> **TASK REQUIREMENTS**:
Gather each line of the records where "layers" appears.

[STUDY MATERIAL — start]

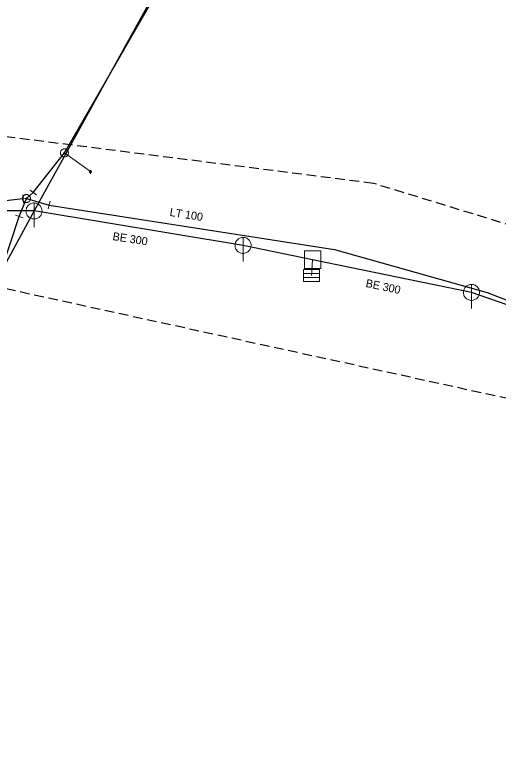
# Model space of a CAD drawing. Extents: x -687387 to -687009, y -972789 to -972578.
# Drawn here: x -687141.5 to -687081.2, y -972744.5 to -972651.8 of the extents above; entities that cross this region are included whole.
import ezdxf

# ---------------------------------------------------------------- set-up
doc = ezdxf.new("R2010")
doc.units = 0
doc.header["$LTSCALE"] = 0.4
doc.linetypes.add('MEDIUM_DASHED', pattern=[4.5, 3, -1.5])
doc.layers.add('1', color=7, linetype='Continuous')
for name, color, linetype, lineweight in [('11', 7, 'Continuous', 13), ('14', 7, 'Continuous', 25), ('17', 7, 'Continuous', 25), ('22', 7, 'Continuous', 13), ('34', 7, 'Continuous', 13), ('47', 7, 'Continuous', 13), ('63', 7, 'MEDIUM_DASHED', 25), ('9', 7, 'Continuous', 13)]:
    doc.layers.add(name, color=color, linetype=linetype, lineweight=lineweight)

msp = doc.modelspace()

# ---------------------------------------------------------------- linework, layer by layer
at = {"layer": '11'}
msp.add_line((-687104.473, -972684.315), (-687104.363, -972682.335), dxfattribs=at)
at = {"layer": '14', "lineweight": 13}
for p, q in [((-687132.046, -972671.358), (-687135.293, -972669.02)), ((-687140.419, -972674.734), (-687140.013, -972674.707))]:
    msp.add_line(p, q, dxfattribs=at)
at = {"layer": '14'}
for p, q in [((-687139.074, -972676.263), (-687177.589, -972676.2)), ((-687113.022, -972680.553), (-687139.074, -972676.263)), ((-687104.363, -972682.335), (-687113.022, -972680.553)), ((-687084.556, -972686.414), (-687104.363, -972682.335)), ((-687076.354, -972689.285), (-687084.556, -972686.414))]:
    msp.add_line(p, q, dxfattribs=at)
for points in [[(-687109.862, -972623.402), (-687127.339, -972655.027), (-687139.074, -972676.263)], [(-687139.074, -972676.263), (-687143.356, -972684.136), (-687154.625, -972704.857), (-687159.462, -972713.752)]]:
    msp.add_lwpolyline(points, dxfattribs=at)
at = {"layer": '17'}
for p, q in [((-687139.168, -972673.949), (-687135.293, -972669.02)), ((-687140.013, -972674.707), (-687137.189, -972675.528))]:
    msp.add_line(p, q, dxfattribs=at)
for points in [[(-687135.293, -972669.02), (-687122.188, -972646.265), (-687104.355, -972614.76), (-687083.126, -972578.198)], [(-687175.65, -972744.492), (-687175.739, -972743.912), (-687173.329, -972740.07), (-687156.205, -972711.508), (-687144.176, -972686.673), (-687140.919, -972676.959), (-687140.013, -972674.707), (-687139.168, -972673.949)], [(-687140.419, -972674.734), (-687161.655, -972677.153), (-687161.956, -972677.145), (-687194.054, -972677.975), (-687218.609, -972681.129), (-687239.739, -972685.945)], [(-687137.189, -972675.528), (-687101.625, -972681.079), (-687082.6, -972686.438), (-687052.118, -972698.285)]]:
    msp.add_lwpolyline(points, dxfattribs=at)
at = {"layer": '22'}
for p, q in [((-687139.074, -972678.263), (-687139.073, -972675.263)), ((-687113.022, -972682.553), (-687113.021, -972679.553)), ((-687105.484, -972684.058), (-687103.484, -972684.058)), ((-687105.484, -972684.558), (-687103.484, -972684.558)), ((-687084.556, -972688.414), (-687084.555, -972685.414))]:
    msp.add_line(p, q, dxfattribs=at)
for points in [[(-687138.074, -972676.263), (-687138.079, -972676.154), (-687138.097, -972676.046), (-687138.127, -972675.94), (-687138.167, -972675.839), (-687138.219, -972675.742), (-687138.281, -972675.652), (-687138.353, -972675.569), (-687138.433, -972675.495), (-687138.521, -972675.429), (-687138.615, -972675.374), (-687138.715, -972675.329), (-687138.82, -972675.296), (-687138.927, -972675.274), (-687139.036, -972675.264), (-687139.146, -972675.266), (-687139.254, -972675.28), (-687139.361, -972675.305), (-687139.464, -972675.342), (-687139.562, -972675.391), (-687139.654, -972675.449), (-687139.74, -972675.518), (-687139.817, -972675.595), (-687139.886, -972675.681), (-687139.945, -972675.773), (-687139.993, -972675.871), (-687140.03, -972675.974), (-687140.056, -972676.081), (-687140.07, -972676.189), (-687140.073, -972676.299), (-687140.063, -972676.408), (-687140.042, -972676.515), (-687140.008, -972676.619), (-687139.964, -972676.719), (-687139.909, -972676.814), (-687139.843, -972676.902), (-687139.769, -972676.982), (-687139.686, -972677.054), (-687139.596, -972677.116), (-687139.5, -972677.168), (-687139.398, -972677.209), (-687139.293, -972677.239), (-687139.185, -972677.257), (-687139.075, -972677.263), (-687138.966, -972677.257), (-687138.858, -972677.239), (-687138.753, -972677.21), (-687138.651, -972677.169), (-687138.554, -972677.117), (-687138.464, -972677.055), (-687138.381, -972676.984), (-687138.306, -972676.904), (-687138.241, -972676.816), (-687138.185, -972676.722), (-687138.141, -972676.622), (-687138.107, -972676.518), (-687138.085, -972676.41), (-687138.075, -972676.301)], [(-687112.022, -972680.553), (-687112.027, -972680.444), (-687112.045, -972680.336), (-687112.075, -972680.23), (-687112.115, -972680.129), (-687112.167, -972680.032), (-687112.229, -972679.942), (-687112.301, -972679.859), (-687112.381, -972679.785), (-687112.469, -972679.719), (-687112.563, -972679.664), (-687112.663, -972679.619), (-687112.768, -972679.586), (-687112.875, -972679.564), (-687112.984, -972679.554), (-687113.094, -972679.556), (-687113.202, -972679.57), (-687113.309, -972679.595), (-687113.412, -972679.632), (-687113.51, -972679.681), (-687113.602, -972679.739), (-687113.688, -972679.808), (-687113.765, -972679.885), (-687113.834, -972679.971), (-687113.893, -972680.063), (-687113.941, -972680.161), (-687113.978, -972680.264), (-687114.004, -972680.371), (-687114.018, -972680.479), (-687114.021, -972680.589), (-687114.011, -972680.698), (-687113.99, -972680.805), (-687113.956, -972680.909), (-687113.912, -972681.009), (-687113.857, -972681.104), (-687113.791, -972681.192), (-687113.717, -972681.272), (-687113.634, -972681.344), (-687113.544, -972681.406), (-687113.448, -972681.458), (-687113.346, -972681.499), (-687113.241, -972681.529), (-687113.133, -972681.547), (-687113.023, -972681.553), (-687112.914, -972681.547), (-687112.806, -972681.529), (-687112.701, -972681.5), (-687112.599, -972681.459), (-687112.502, -972681.407), (-687112.412, -972681.345), (-687112.329, -972681.274), (-687112.254, -972681.194), (-687112.189, -972681.106), (-687112.133, -972681.012), (-687112.089, -972680.912), (-687112.055, -972680.808), (-687112.033, -972680.7), (-687112.023, -972680.591)], [(-687105.343, -972681.245), (-687103.31, -972681.245), (-687103.31, -972683.438), (-687105.343, -972683.438)], [(-687105.484, -972683.558), (-687103.484, -972683.558), (-687103.484, -972685.058), (-687105.484, -972685.058)], [(-687083.556, -972686.414), (-687083.561, -972686.305), (-687083.579, -972686.197), (-687083.609, -972686.091), (-687083.649, -972685.99), (-687083.701, -972685.893), (-687083.763, -972685.803), (-687083.835, -972685.72), (-687083.915, -972685.646), (-687084.003, -972685.58), (-687084.097, -972685.525), (-687084.197, -972685.48), (-687084.302, -972685.447), (-687084.409, -972685.425), (-687084.518, -972685.415), (-687084.628, -972685.417), (-687084.736, -972685.431), (-687084.843, -972685.456), (-687084.946, -972685.493), (-687085.044, -972685.542), (-687085.136, -972685.6), (-687085.222, -972685.669), (-687085.299, -972685.746), (-687085.368, -972685.832), (-687085.427, -972685.924), (-687085.475, -972686.022), (-687085.512, -972686.125), (-687085.538, -972686.232), (-687085.552, -972686.34), (-687085.555, -972686.45), (-687085.545, -972686.559), (-687085.524, -972686.666), (-687085.49, -972686.77), (-687085.446, -972686.87), (-687085.391, -972686.965), (-687085.325, -972687.053), (-687085.251, -972687.133), (-687085.168, -972687.205), (-687085.078, -972687.267), (-687084.982, -972687.319), (-687084.88, -972687.36), (-687084.775, -972687.39), (-687084.667, -972687.408), (-687084.557, -972687.414), (-687084.448, -972687.408), (-687084.34, -972687.39), (-687084.235, -972687.361), (-687084.133, -972687.32), (-687084.036, -972687.268), (-687083.946, -972687.206), (-687083.863, -972687.135), (-687083.788, -972687.055), (-687083.723, -972686.967), (-687083.667, -972686.873), (-687083.623, -972686.773), (-687083.589, -972686.669), (-687083.567, -972686.561), (-687083.557, -972686.452)]]:
    msp.add_lwpolyline(points, close=True, dxfattribs=at)
at = {"layer": '34'}
for p, q in [((-687139.567, -972673.648), (-687138.768, -972674.249)), ((-687140.454, -972674.235), (-687140.384, -972675.232)), ((-687137.054, -972675.046), (-687137.324, -972676.009)), ((-687141.393, -972676.8), (-687140.444, -972677.118))]:
    msp.add_line(p, q, dxfattribs=at)
at = {"layer": '47'}
for points in [[(-687135.045, -972668.585), (-687135.091, -972668.562), (-687135.141, -972668.543), (-687135.191, -972668.531), (-687135.242, -972668.522), (-687135.295, -972668.52), (-687135.348, -972668.523), (-687135.399, -972668.532), (-687135.449, -972668.546), (-687135.498, -972668.564), (-687135.545, -972668.588), (-687135.589, -972668.617), (-687135.629, -972668.65), (-687135.666, -972668.687), (-687135.698, -972668.728), (-687135.727, -972668.772), (-687135.75, -972668.818), (-687135.769, -972668.868), (-687135.782, -972668.919), (-687135.79, -972668.969), (-687135.792, -972669.022), (-687135.789, -972669.075), (-687135.781, -972669.127), (-687135.767, -972669.177), (-687135.749, -972669.226), (-687135.724, -972669.272), (-687135.695, -972669.316), (-687135.662, -972669.357), (-687135.625, -972669.393), (-687135.584, -972669.425), (-687135.54, -972669.454), (-687135.494, -972669.477), (-687135.444, -972669.496), (-687135.394, -972669.51), (-687135.343, -972669.517), (-687135.29, -972669.519), (-687135.238, -972669.517), (-687135.186, -972669.509), (-687135.135, -972669.495), (-687135.086, -972669.476), (-687135.04, -972669.451), (-687134.996, -972669.422), (-687134.956, -972669.39), (-687134.919, -972669.352), (-687134.887, -972669.311), (-687134.858, -972669.267), (-687134.835, -972669.221), (-687134.816, -972669.171), (-687134.803, -972669.121), (-687134.795, -972669.07), (-687134.793, -972669.017), (-687134.795, -972668.965), (-687134.804, -972668.914), (-687134.818, -972668.863), (-687134.837, -972668.814), (-687134.861, -972668.767), (-687134.89, -972668.723), (-687134.923, -972668.684), (-687134.96, -972668.646), (-687135.001, -972668.614)], [(-687135.252, -972668.948), (-687135.26, -972668.944), (-687135.268, -972668.942), (-687135.276, -972668.939), (-687135.284, -972668.938), (-687135.293, -972668.938), (-687135.302, -972668.938), (-687135.31, -972668.939), (-687135.318, -972668.942), (-687135.326, -972668.945), (-687135.334, -972668.949), (-687135.341, -972668.954), (-687135.348, -972668.959), (-687135.354, -972668.965), (-687135.359, -972668.971), (-687135.364, -972668.979), (-687135.368, -972668.987), (-687135.37, -972668.995), (-687135.373, -972669.003), (-687135.374, -972669.011), (-687135.374, -972669.02), (-687135.374, -972669.029), (-687135.373, -972669.037), (-687135.37, -972669.045), (-687135.367, -972669.054), (-687135.363, -972669.061), (-687135.358, -972669.068), (-687135.353, -972669.075), (-687135.347, -972669.081), (-687135.341, -972669.086), (-687135.333, -972669.091), (-687135.325, -972669.095), (-687135.317, -972669.097), (-687135.309, -972669.1), (-687135.301, -972669.101), (-687135.292, -972669.101), (-687135.284, -972669.101), (-687135.275, -972669.1), (-687135.267, -972669.097), (-687135.258, -972669.094), (-687135.251, -972669.09), (-687135.244, -972669.085), (-687135.237, -972669.08), (-687135.231, -972669.074), (-687135.226, -972669.068), (-687135.221, -972669.06), (-687135.217, -972669.052), (-687135.215, -972669.044), (-687135.212, -972669.036), (-687135.211, -972669.028), (-687135.211, -972669.019), (-687135.211, -972669.011), (-687135.212, -972669.002), (-687135.215, -972668.994), (-687135.218, -972668.986), (-687135.222, -972668.978), (-687135.227, -972668.971), (-687135.232, -972668.964), (-687135.238, -972668.958), (-687135.244, -972668.953)], [(-687139.513, -972674.678), (-687139.519, -972674.626), (-687139.53, -972674.575), (-687139.547, -972674.526), (-687139.568, -972674.478), (-687139.595, -972674.432), (-687139.626, -972674.39), (-687139.661, -972674.352), (-687139.7, -972674.317), (-687139.742, -972674.286), (-687139.788, -972674.26), (-687139.836, -972674.239), (-687139.886, -972674.223), (-687139.937, -972674.212), (-687139.989, -972674.207), (-687140.041, -972674.207), (-687140.093, -972674.213), (-687140.144, -972674.224), (-687140.194, -972674.241), (-687140.241, -972674.262), (-687140.287, -972674.289), (-687140.329, -972674.32), (-687140.368, -972674.355), (-687140.403, -972674.394), (-687140.434, -972674.436), (-687140.459, -972674.482), (-687140.48, -972674.53), (-687140.497, -972674.58), (-687140.507, -972674.631), (-687140.512, -972674.683), (-687140.512, -972674.735), (-687140.506, -972674.787), (-687140.495, -972674.838), (-687140.479, -972674.888), (-687140.457, -972674.935), (-687140.43, -972674.981), (-687140.4, -972675.023), (-687140.365, -972675.062), (-687140.326, -972675.097), (-687140.283, -972675.128), (-687140.237, -972675.153), (-687140.189, -972675.174), (-687140.14, -972675.191), (-687140.088, -972675.201), (-687140.036, -972675.206), (-687139.984, -972675.206), (-687139.932, -972675.2), (-687139.881, -972675.189), (-687139.832, -972675.173), (-687139.784, -972675.151), (-687139.738, -972675.124), (-687139.696, -972675.094), (-687139.658, -972675.059), (-687139.623, -972675.02), (-687139.592, -972674.977), (-687139.566, -972674.931), (-687139.545, -972674.883), (-687139.529, -972674.834), (-687139.518, -972674.782), (-687139.513, -972674.73)], [(-687139.931, -972674.702), (-687139.931, -972674.693), (-687139.934, -972674.685), (-687139.936, -972674.677), (-687139.94, -972674.669), (-687139.944, -972674.662), (-687139.949, -972674.655), (-687139.955, -972674.648), (-687139.961, -972674.642), (-687139.968, -972674.638), (-687139.976, -972674.633), (-687139.984, -972674.63), (-687139.992, -972674.627), (-687140, -972674.626), (-687140.008, -972674.624), (-687140.017, -972674.625), (-687140.026, -972674.625), (-687140.034, -972674.628), (-687140.042, -972674.63), (-687140.05, -972674.634), (-687140.057, -972674.638), (-687140.064, -972674.643), (-687140.071, -972674.649), (-687140.077, -972674.655), (-687140.082, -972674.662), (-687140.086, -972674.67), (-687140.089, -972674.678), (-687140.092, -972674.686), (-687140.093, -972674.694), (-687140.095, -972674.702), (-687140.094, -972674.711), (-687140.094, -972674.72), (-687140.091, -972674.728), (-687140.089, -972674.736), (-687140.085, -972674.744), (-687140.081, -972674.751), (-687140.077, -972674.758), (-687140.07, -972674.765), (-687140.064, -972674.771), (-687140.057, -972674.776), (-687140.049, -972674.78), (-687140.041, -972674.783), (-687140.033, -972674.786), (-687140.025, -972674.787), (-687140.017, -972674.789), (-687140.008, -972674.788), (-687139.999, -972674.788), (-687139.991, -972674.785), (-687139.983, -972674.783), (-687139.975, -972674.779), (-687139.968, -972674.775), (-687139.961, -972674.771), (-687139.954, -972674.764), (-687139.948, -972674.758), (-687139.944, -972674.751), (-687139.939, -972674.743), (-687139.936, -972674.735), (-687139.933, -972674.727), (-687139.932, -972674.719), (-687139.93, -972674.711)]]:
    msp.add_lwpolyline(points, close=True, dxfattribs=at)
at = {"layer": '63'}
msp.add_lwpolyline([(-687198.94, -972690.124), (-687142.558, -972685.938), (-687142.558, -972685.938), (-687071.103, -972701.568), (-687071.103, -972701.568), (-687078.081, -972717.199), (-687078.081, -972717.199), (-687052.96, -972718.874), (-687052.96, -972718.874), (-687039.004, -972700.731), (-687039.004, -972700.731), (-687036.212, -972687.333), (-687036.212, -972687.333), (-687054.635, -972678.68), (-687054.635, -972678.68), (-687058.542, -972684.542), (-687058.542, -972684.542), (-687096.782, -972672.819), (-687096.782, -972672.819), (-687147.303, -972666.399), (-687147.303, -972666.399), (-687234.11, -972667.795)], dxfattribs=at)
at = {"layer": '9'}
msp.add_line((-687132.047, -972671.485), (-687132.047, -972671.61), dxfattribs=at)
for points in [[(-687132.173, -972671.357), (-687132.172, -972671.37), (-687132.17, -972671.383), (-687132.167, -972671.396), (-687132.162, -972671.408), (-687132.156, -972671.42), (-687132.149, -972671.431), (-687132.141, -972671.441), (-687132.131, -972671.451), (-687132.121, -972671.459), (-687132.11, -972671.466), (-687132.098, -972671.472), (-687132.086, -972671.477), (-687132.073, -972671.48), (-687132.06, -972671.482), (-687132.047, -972671.485), (-687132.034, -972671.484), (-687132.021, -972671.482), (-687132.008, -972671.479), (-687131.996, -972671.474), (-687131.984, -972671.468), (-687131.973, -972671.461), (-687131.963, -972671.453), (-687131.953, -972671.443), (-687131.945, -972671.433), (-687131.938, -972671.422), (-687131.932, -972671.41), (-687131.927, -972671.398), (-687131.924, -972671.385), (-687131.922, -972671.372), (-687131.92, -972671.359), (-687131.921, -972671.346), (-687131.923, -972671.333), (-687131.926, -972671.32), (-687131.931, -972671.308), (-687131.937, -972671.296), (-687131.944, -972671.285), (-687131.952, -972671.275), (-687131.962, -972671.265), (-687131.972, -972671.257), (-687131.983, -972671.25), (-687131.995, -972671.244), (-687132.007, -972671.239), (-687132.02, -972671.236), (-687132.033, -972671.234), (-687132.046, -972671.232), (-687132.059, -972671.232), (-687132.072, -972671.234), (-687132.085, -972671.237), (-687132.097, -972671.242), (-687132.109, -972671.248), (-687132.12, -972671.255), (-687132.13, -972671.263), (-687132.14, -972671.273), (-687132.148, -972671.283), (-687132.155, -972671.294), (-687132.161, -972671.306), (-687132.166, -972671.318), (-687132.169, -972671.331), (-687132.171, -972671.344)], [(-687132.153, -972671.357), (-687132.153, -972671.368), (-687132.151, -972671.379), (-687132.148, -972671.39), (-687132.144, -972671.4), (-687132.139, -972671.41), (-687132.133, -972671.419), (-687132.126, -972671.428), (-687132.118, -972671.436), (-687132.109, -972671.443), (-687132.1, -972671.449), (-687132.09, -972671.454), (-687132.08, -972671.458), (-687132.069, -972671.461), (-687132.058, -972671.463), (-687132.047, -972671.463), (-687132.036, -972671.465), (-687132.025, -972671.463), (-687132.014, -972671.46), (-687132.004, -972671.456), (-687131.994, -972671.451), (-687131.985, -972671.445), (-687131.976, -972671.438), (-687131.968, -972671.43), (-687131.961, -972671.421), (-687131.955, -972671.412), (-687131.95, -972671.402), (-687131.946, -972671.392), (-687131.943, -972671.381), (-687131.941, -972671.37), (-687131.94, -972671.359), (-687131.94, -972671.348), (-687131.942, -972671.337), (-687131.945, -972671.326), (-687131.949, -972671.316), (-687131.954, -972671.306), (-687131.96, -972671.297), (-687131.967, -972671.288), (-687131.975, -972671.28), (-687131.984, -972671.273), (-687131.993, -972671.267), (-687132.003, -972671.262), (-687132.013, -972671.258), (-687132.024, -972671.255), (-687132.035, -972671.253), (-687132.046, -972671.252), (-687132.057, -972671.251), (-687132.068, -972671.253), (-687132.079, -972671.256), (-687132.089, -972671.26), (-687132.099, -972671.265), (-687132.108, -972671.271), (-687132.117, -972671.278), (-687132.125, -972671.286), (-687132.132, -972671.295), (-687132.138, -972671.304), (-687132.143, -972671.314), (-687132.147, -972671.324), (-687132.15, -972671.335), (-687132.152, -972671.346)], [(-687132.134, -972671.357), (-687132.133, -972671.366), (-687132.132, -972671.375), (-687132.129, -972671.384), (-687132.126, -972671.392), (-687132.122, -972671.4), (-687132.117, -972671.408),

[STUDY MATERIAL — finish]

> **ANSWER**:
doc.layers.add('1', color=7, linetype='Continuous')
    doc.layers.add(name, color=color, linetype=linetype, lineweight=lineweight)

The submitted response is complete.